The Kickstarter Blog

New Projects Are Very Near Mint (Volume 2!)

  1. This Week in Kickstarter

    Have you ever worried you'd accidentally post something to your company's social media sites instead of your own? Well, this week on Kickstarter, some beautiful Bulgarian album art (above) was on our Tumblr for about two minutes. We liked it so much we invited it back.

    Our week in blogging started as it should: in the kitchen with some Jewish grandmothers, making rugelach. And to think, all our grandmothers taught us was to program the VCR to tape General Hospital!

    It's almost 2012, though, and we've all but given up on our dreams of going to space, or at least Space Camp. But fear not, as the crew behind ISS Notify posted an update on their nifty device, which blinks when the International Space Station is directly above you. Almost the same thing as going to space. 

    We keep threatening to make a coffee table book (or at least a single-serving Tumblr blog) about something much more mundane than space travel. It will be called Creators Standing In Line At the Post Office, Mailing Out Rewards. This harrowing photo from the Cards Against Humanity guys is a nice contender for the cover. Now that Kickstarter's own Yancey Strickler is deep in the project fulfillment trenches himself, we know who we'll get to write the forward. Yancey, we'd love to help, but we're...allergic to stamp adhesive. Or something.

    If you're just starting your project, though, and are looking for music for your project video, take heed. Free Music Archive just launched their Curated Page. Great page, featuring great projects, and a great resource for creators!

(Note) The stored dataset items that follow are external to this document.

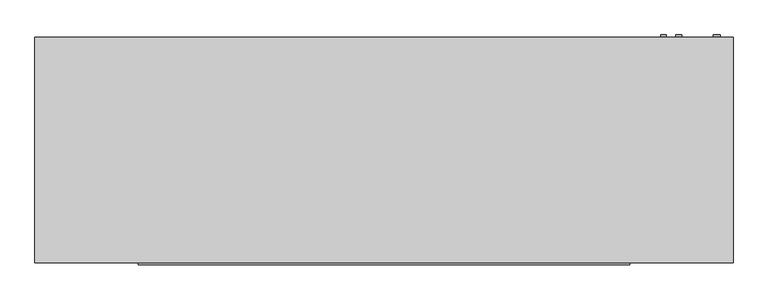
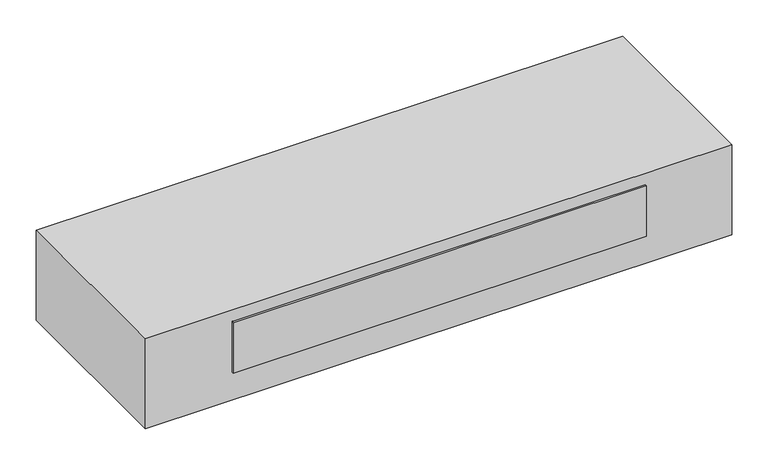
"""IFC4 building model written with IfcOpenShell, lengths in millimetres: proxy geometry, Exposed_Horizontal_Fan_Coil_Unit_-_42CGB_-_CARRIER_-_2-Pipe_Cool-EHeat_FS-BR_RH_2022 : Size 10 - 277v/60Hz/1Ph - 4 Row 8.0kW."""

from ifc_helpers import new_model, si_unit, point, frame, frame_2d, origin, place, context, project, spatial, polyline, circle_curve, trimmed, segment, composite_curve, outline, extrude, source, transform, mapped, element, save


def mechanical_equipment_da27d940(model_context):
    return source(origin(), model_context, "Body", "SweptSolid", [
        extrude(outline(composite_curve([segment(trimmed(circle_curve(frame_2d((-60.325, 904.875)), 7.9375), [point((-60.325, 912.8125))], [point((-60.325, 896.9375))], False, "CARTESIAN"), True, "CONTINUOUS"), segment(trimmed(circle_curve(frame_2d((-60.325, 904.875)), 7.9375), [point((-60.325, 896.9375))], [point((-60.325, 912.8125))], False, "CARTESIAN"), True, "CONTINUOUS")], self_intersect=False)), frame((0.0, 65.0875, 0.0), z_axis=(0.0, 1.0, 0.0), x_axis=(0.0, 0.0, 1.0)), (0.0, 0.0, 1.0), 6.35),
        extrude(outline(composite_curve([segment(trimmed(circle_curve(frame_2d((-95.25, 946.15)), 7.9375), [point((-95.25, 954.0875))], [point((-95.25, 938.2125))], False, "CARTESIAN"), True, "CONTINUOUS"), segment(trimmed(circle_curve(frame_2d((-95.25, 946.15)), 7.9375), [point((-95.25, 938.2125))], [point((-95.25, 954.0875))], False, "CARTESIAN"), True, "CONTINUOUS")], self_intersect=False)), frame((0.0, 65.0875, 0.0), z_axis=(0.0, 1.0, 0.0), x_axis=(0.0, 0.0, 1.0)), (0.0, 0.0, 1.0), 6.35),
        extrude(outline(composite_curve([segment(trimmed(circle_curve(frame_2d((-260.35, 1047.75)), 9.525), [point((-260.35, 1057.275))], [point((-260.35, 1038.225))], False, "CARTESIAN"), True, "CONTINUOUS"), segment(trimmed(circle_curve(frame_2d((-260.35, 1047.75)), 9.525), [point((-260.35, 1038.225))], [point((-260.35, 1057.275))], False, "CARTESIAN"), True, "CONTINUOUS")], self_intersect=False)), frame((0.0, 65.0875, 0.0), z_axis=(0.0, 1.0, 0.0), x_axis=(0.0, 0.0, 1.0)), (0.0, 0.0, 1.0), 6.35),
        extrude(outline(polyline([(-787.4, 65.0875), (1092.2, 65.0875), (1092.2, -541.3375), (-787.4, -541.3375), (-787.4, 65.0875)])), frame((0.0, 0.0, -304.8), z_axis=(0.0, 0.0, 1.0), x_axis=(1.0, 0.0, 0.0)), (0.0, 0.0, 1.0), 304.8),
        extrude(outline(polyline([(814.3875, -547.6875), (-509.5875, -547.6875), (-509.5875, -541.3375), (814.3875, -541.3375), (814.3875, -547.6875)])), frame((0.0, 0.0, -209.55), z_axis=(0.0, 0.0, 1.0), x_axis=(1.0, 0.0, 0.0)), (0.0, 0.0, 1.0), 171.45),
        extrude(outline(polyline([(844.55, -11.1125), (844.55, -265.1125), (-539.75, -265.1125), (-539.75, -11.1125), (844.55, -11.1125)])), frame((0.0, 0.0, -311.15), z_axis=(0.0, 0.0, 1.0), x_axis=(1.0, 0.0, 0.0)), (0.0, 0.0, 1.0), 6.35),
    ])


if __name__ == "__main__":
    model = new_model("IFC4")
    model_context = context("Model", 3, world=origin())
    ifc_project = project(units=[si_unit("LENGTHUNIT", "METRE", prefix="MILLI")], contexts=[model_context])
    site = spatial("IfcSite", under=ifc_project)
    building = spatial("IfcBuilding", under=site)
    placement = place(None, origin())
    mechanical_equipment_shape = mechanical_equipment_da27d940(model_context)
    element("IfcBuildingElementProxy", 1, Name="Exposed_Horizontal_Fan_Coil_Unit_-_42CGB_-_CARRIER_-_2-Pipe_Cool-EHeat_FS-BR_RH_2022 : Size 10 - 277v/60Hz/1Ph - 4 Row 8.0kW", ObjectType="Exposed_Horizontal_Fan_Coil_Unit_-_42CGB_-_CARRIER_-_2-Pipe_Cool-EHeat_FS-BR_RH_2022 : Size 10 - 277v/60Hz/1Ph - 4 Row 8.0kW", at=placement, inside=building, context=model_context, shape_type="MappedRepresentation", body=[
        mapped(mechanical_equipment_shape, transform((0.0, 0.0, 0.0), x_axis=(1.0, 0.0, 0.0), y_axis=(0.0, 1.0, 0.0), z_axis=(0.0, 0.0, 1.0))),
    ])
    save(model, "model.ifc")
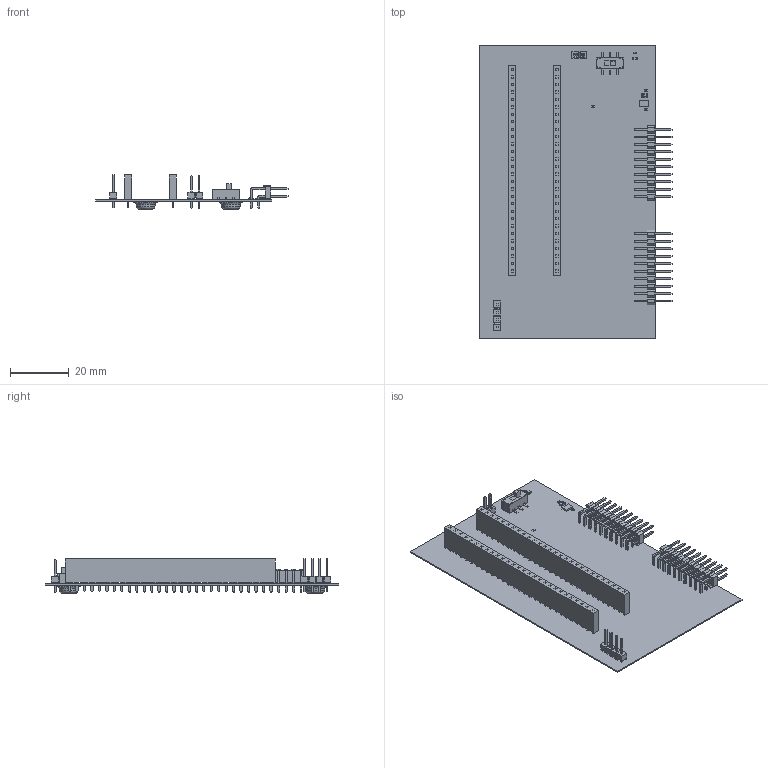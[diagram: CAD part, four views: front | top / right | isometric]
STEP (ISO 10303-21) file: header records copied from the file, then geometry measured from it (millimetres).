
FILE_DESCRIPTION(('Open CASCADE Model'),'2;1');
FILE_NAME('Open CASCADE Shape Model','2019-11-25T14:54:39',('Author'),( 'Open CASCADE'),'Open CASCADE STEP processor 6.8','Open CASCADE 6.8' ,'Unknown');
FILE_SCHEMA(('AUTOMOTIVE_DESIGN { 1 0 10303 214 1 1 1 1 }'));
Length unit declared in the file: millimetre
Products named in the file (46): PCB; Board; Open CASCADE STEP translator 6.8 1.1.1; J6; SSW-128-01-G-S; _T1SSW-128-01-G-S; _P2SSW-128-01-G-S; J5; J4; HMTSW-104-23-F-S-237; _HMTSW-104-23-F-S-237_body; _HMTSW-104-23-S-237; SW1; Metal; Extruded; 5983905216; 5983903696; 5983903376; 5983902976; J2; pin_header_awl254-da-g20d; J1; C4; smd_0805; D2; SW3dPS-LED_SMD0603; E1; SJxx76; E2; E3; E4; R1; 0402_SMD_Resistor; R8; R9; R10; R12; R14; U2; 5983906416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
Assembly tree (61 placements, depth 4):
  PCB
    Board
      Open CASCADE STEP translator 6.8 1.1.1
    J6
      SSW-128-01-G-S
        _T1SSW-128-01-G-S
        _P2SSW-128-01-G-S
    J5
      SSW-128-01-G-S
        _T1SSW-128-01-G-S
        _P2SSW-128-01-G-S
    J4
      HMTSW-104-23-F-S-237
        _HMTSW-104-23-F-S-237_body
        _HMTSW-104-23-S-237
    SW1
      Metal  x6
        Extruded
      5983905216  x2
        Extruded
      5983903696
      5983903376
        Extruded
      5983902976
        Extruded
    J2
      pin_header_awl254-da-g20d
    J1
      pin_header_awl254-da-g20d
    C4
      smd_0805
    D2
      SW3dPS-LED_SMD0603
    E1
      SJxx76
    E2
      SJxx76
    E3
      SJxx76
    E4
      SJxx76
    R1
      0402_SMD_Resistor
    R8
      0402_SMD_Resistor
    R9
      0402_SMD_Resistor
    R10
      0402_SMD_Resistor
    R12
      0402_SMD_Resistor
    R14
      0402_SMD_Resistor
    U2
      5983906416
        Extruded
    J3
      Samtec-TSW-102-23-F-S
Bounding box: 65.59 x 100 x 11.77 mm (x, y, z)
Volume: 6385.5 mm3; surface area: 21169.1 mm2
Topology: 38 solids, 38 shells, 3002 faces, 7590 edges, 4792 vertices
Faces by surface type: plane 2555, cylinder 230, bspline 149, sphere 56, torus 8, cone 4
Full cylindrical faces by diameter (mm): 8.001 x4
Entity records: 64229 total; most frequent: CARTESIAN_POINT 11389, ORIENTED_EDGE 7766, DIRECTION 7018, EDGE_CURVE 3883, LINE 3610, VECTOR 3610, PRESENTATION_STYLE_ASSIGNMENT 2732, VERTEX_POINT 2481
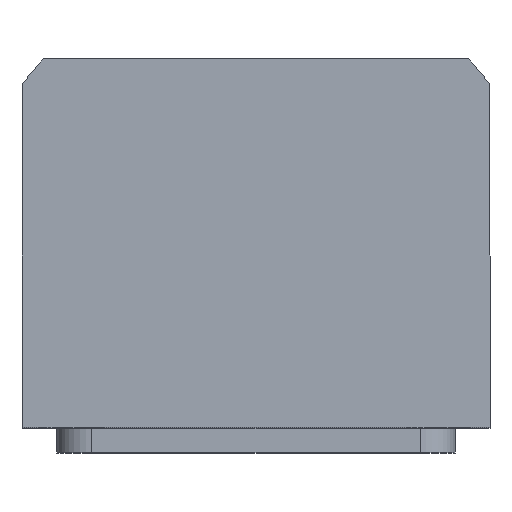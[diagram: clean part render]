
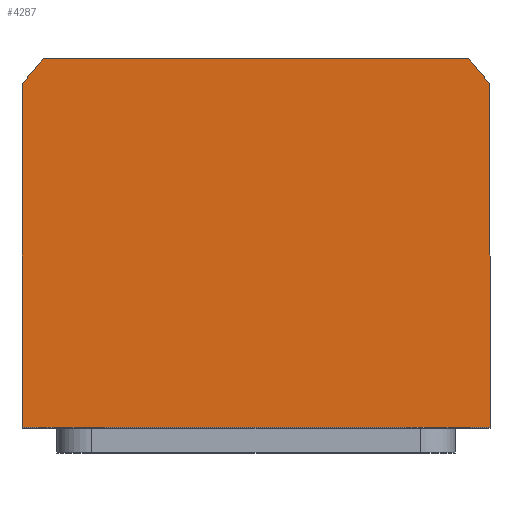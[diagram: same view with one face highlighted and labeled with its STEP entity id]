
A CAD part, top view. The second image highlights one B-rep face of the part: STEP entity #4287.
In plain terms, the highlighted planar face has unit normal (0, 0, 1).
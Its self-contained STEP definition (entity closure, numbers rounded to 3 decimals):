
#1073 = EDGE_CURVE ( 'NONE', #3934, #2711, #9895, .T. ) ;
#1093 = ORIENTED_EDGE ( 'NONE', *, *, #9922, .T. ) ;
#1154 = DIRECTION ( 'NONE',  ( -1., 0., 0. ) ) ;
#1296 = EDGE_CURVE ( 'NONE', #6633, #3934, #9332, .T. ) ;
#1432 = DIRECTION ( 'NONE',  ( 1., 0., 0. ) ) ;
#2099 = LINE ( 'NONE', #8204, #6449 ) ;
#2544 = CARTESIAN_POINT ( 'NONE',  ( 0., 0., 62.5 ) ) ;
#2594 = VECTOR ( 'NONE', #4684, 1000. ) ;
#2711 = VERTEX_POINT ( 'NONE', #5270 ) ;
#3015 = CIRCLE ( 'NONE', #10861, 58.5 ) ;
#3897 = VECTOR ( 'NONE', #1154, 1000. ) ;
#3934 = VERTEX_POINT ( 'NONE', #6190 ) ;
#3961 = EDGE_LOOP ( 'NONE', ( #5923, #6347, #7114, #7058, #5683, #1093 ) ) ;
#4204 = DIRECTION ( 'NONE',  ( 0., 0., 1. ) ) ;
#4287 = ADVANCED_FACE ( 'NONE', ( #6711 ), #11291, .T. ) ;
#4313 = DIRECTION ( 'NONE',  ( 1., 0., 0. ) ) ;
#4608 = EDGE_CURVE ( 'NONE', #9170, #6633, #2099, .T. ) ;
#4638 = CARTESIAN_POINT ( 'NONE',  ( -42.688, 40., 62.5 ) ) ;
#4684 = DIRECTION ( 'NONE',  ( 0., -1., 0. ) ) ;
#5270 = CARTESIAN_POINT ( 'NONE',  ( 42.688, 40., 62.5 ) ) ;
#5667 = LINE ( 'NONE', #4638, #3897 ) ;
#5683 = ORIENTED_EDGE ( 'NONE', *, *, #7277, .T. ) ;
#5907 = CARTESIAN_POINT ( 'NONE',  ( 47., -34., 62.5 ) ) ;
#5923 = ORIENTED_EDGE ( 'NONE', *, *, #4608, .T. ) ;
#6161 = CARTESIAN_POINT ( 'NONE',  ( -47., -34., 62.5 ) ) ;
#6190 = CARTESIAN_POINT ( 'NONE',  ( 47., 34.832, 62.5 ) ) ;
#6347 = ORIENTED_EDGE ( 'NONE', *, *, #1296, .T. ) ;
#6408 = VERTEX_POINT ( 'NONE', #9688 ) ;
#6449 = VECTOR ( 'NONE', #1432, 1000. ) ;
#6517 = AXIS2_PLACEMENT_3D ( 'NONE', #7845, #4204, #7678 ) ;
#6633 = VERTEX_POINT ( 'NONE', #5907 ) ;
#6711 = FACE_OUTER_BOUND ( 'NONE', #3961, .T. ) ;
#6712 = CARTESIAN_POINT ( 'NONE',  ( -47., 34.832, 62.5 ) ) ;
#7058 = ORIENTED_EDGE ( 'NONE', *, *, #10733, .T. ) ;
#7064 = CARTESIAN_POINT ( 'NONE',  ( -47., -34., 62.5 ) ) ;
#7114 = ORIENTED_EDGE ( 'NONE', *, *, #1073, .T. ) ;
#7277 = EDGE_CURVE ( 'NONE', #6408, #9638, #3015, .T. ) ;
#7552 = CARTESIAN_POINT ( 'NONE',  ( 0., 0., 62.5 ) ) ;
#7591 = DIRECTION ( 'NONE',  ( 0., 0., 1. ) ) ;
#7612 = DIRECTION ( 'NONE',  ( 0., 1., 0. ) ) ;
#7678 = DIRECTION ( 'NONE',  ( 1., 0., 0. ) ) ;
#7845 = CARTESIAN_POINT ( 'NONE',  ( 0., 0., 62.5 ) ) ;
#8204 = CARTESIAN_POINT ( 'NONE',  ( 47., -34., 62.5 ) ) ;
#9170 = VERTEX_POINT ( 'NONE', #6161 ) ;
#9332 = LINE ( 'NONE', #11025, #10023 ) ;
#9638 = VERTEX_POINT ( 'NONE', #6712 ) ;
#9688 = CARTESIAN_POINT ( 'NONE',  ( -42.688, 40., 62.5 ) ) ;
#9895 = CIRCLE ( 'NONE', #10961, 58.5 ) ;
#9922 = EDGE_CURVE ( 'NONE', #9638, #9170, #10501, .T. ) ;
#10023 = VECTOR ( 'NONE', #7612, 1000. ) ;
#10501 = LINE ( 'NONE', #7064, #2594 ) ;
#10733 = EDGE_CURVE ( 'NONE', #2711, #6408, #5667, .T. ) ;
#10861 = AXIS2_PLACEMENT_3D ( 'NONE', #2544, #11237, #4313 ) ;
#10961 = AXIS2_PLACEMENT_3D ( 'NONE', #7552, #7591, #11043 ) ;
#11025 = CARTESIAN_POINT ( 'NONE',  ( 47., 34.832, 62.5 ) ) ;
#11043 = DIRECTION ( 'NONE',  ( 1., 0., 0. ) ) ;
#11237 = DIRECTION ( 'NONE',  ( 0., 0., 1. ) ) ;
#11291 = PLANE ( 'NONE',  #6517 ) ;

    Art Prize started last week and they also have a great Curated Page. There are a dozen and a half (that's 18) Kickstarter projects participating, so if you're in Ann Arbor, check it out! More on Art Prize next week.

    Every time we play board games they end in a tantrum, but apparently some people enjoy them. And apparently these mature adult humans go bananas for Settlers of Catan. "How bananas?" you ask. So bananas that a project raising funds to make a custom, wood-cut Settlers board has raised over $18,000 and was featured yesterday on everyone's favorite cat video site, The Daily What.

    Karl Blau's KLAPS project ends today, and he's celebrating with a non-stop, 24 hour virtual "Round-The-World Song Relay". We're currently 15 hours in, but fret not, you can still get involved by covering a Blau song, and sharing it here. Grüvy!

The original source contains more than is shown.